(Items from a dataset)
<<<<

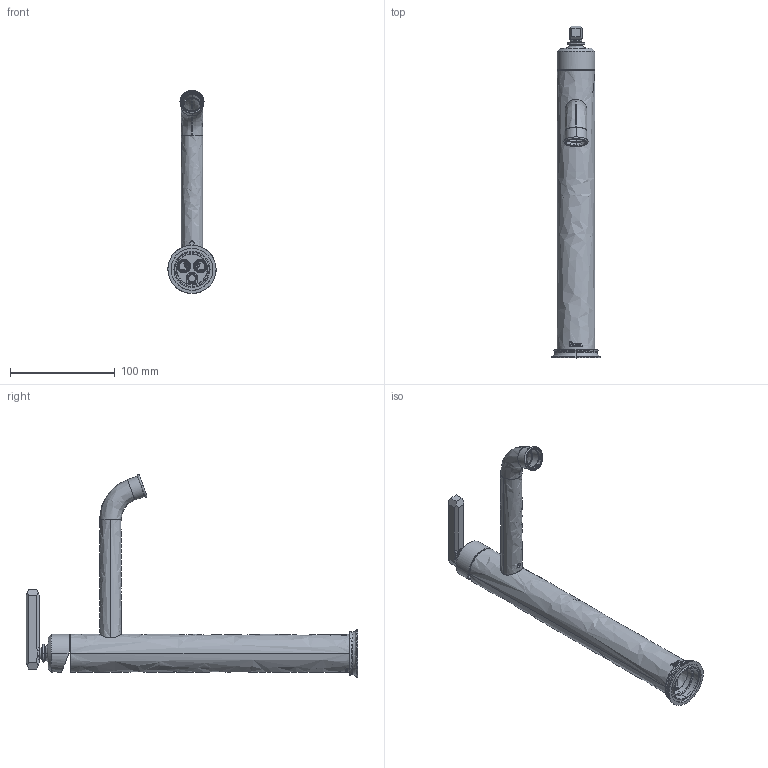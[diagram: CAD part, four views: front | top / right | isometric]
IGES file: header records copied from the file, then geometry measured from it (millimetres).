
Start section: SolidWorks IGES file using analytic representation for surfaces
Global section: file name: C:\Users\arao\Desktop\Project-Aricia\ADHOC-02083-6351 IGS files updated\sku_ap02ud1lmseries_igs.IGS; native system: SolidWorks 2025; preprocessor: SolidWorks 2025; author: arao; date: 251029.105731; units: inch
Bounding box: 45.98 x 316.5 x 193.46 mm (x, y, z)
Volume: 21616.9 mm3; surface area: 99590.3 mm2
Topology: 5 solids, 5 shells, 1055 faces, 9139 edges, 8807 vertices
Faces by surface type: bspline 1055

>>>>

(Instructions to follow) Output, and output only, the lines from the one containing "IGES file: header" through the last line of the data above.

(Exercise response)
IGES file: header records copied from the file, then geometry measured from it (millimetres).
Start section: SolidWorks IGES file using analytic representation for surfaces
Global section: file name: C:\Users\arao\Desktop\Project-Aricia\ADHOC-02083-6351 IGS files updated\sku_ap02ud1lmseries_igs.IGS; native system: SolidWorks 2025; preprocessor: SolidWorks 2025; author: arao; date: 251029.105731; units: inch
Bounding box: 45.98 x 316.5 x 193.46 mm (x, y, z)
Volume: 21616.9 mm3; surface area: 99590.3 mm2
Topology: 5 solids, 5 shells, 1055 faces, 9139 edges, 8807 vertices
Faces by surface type: bspline 1055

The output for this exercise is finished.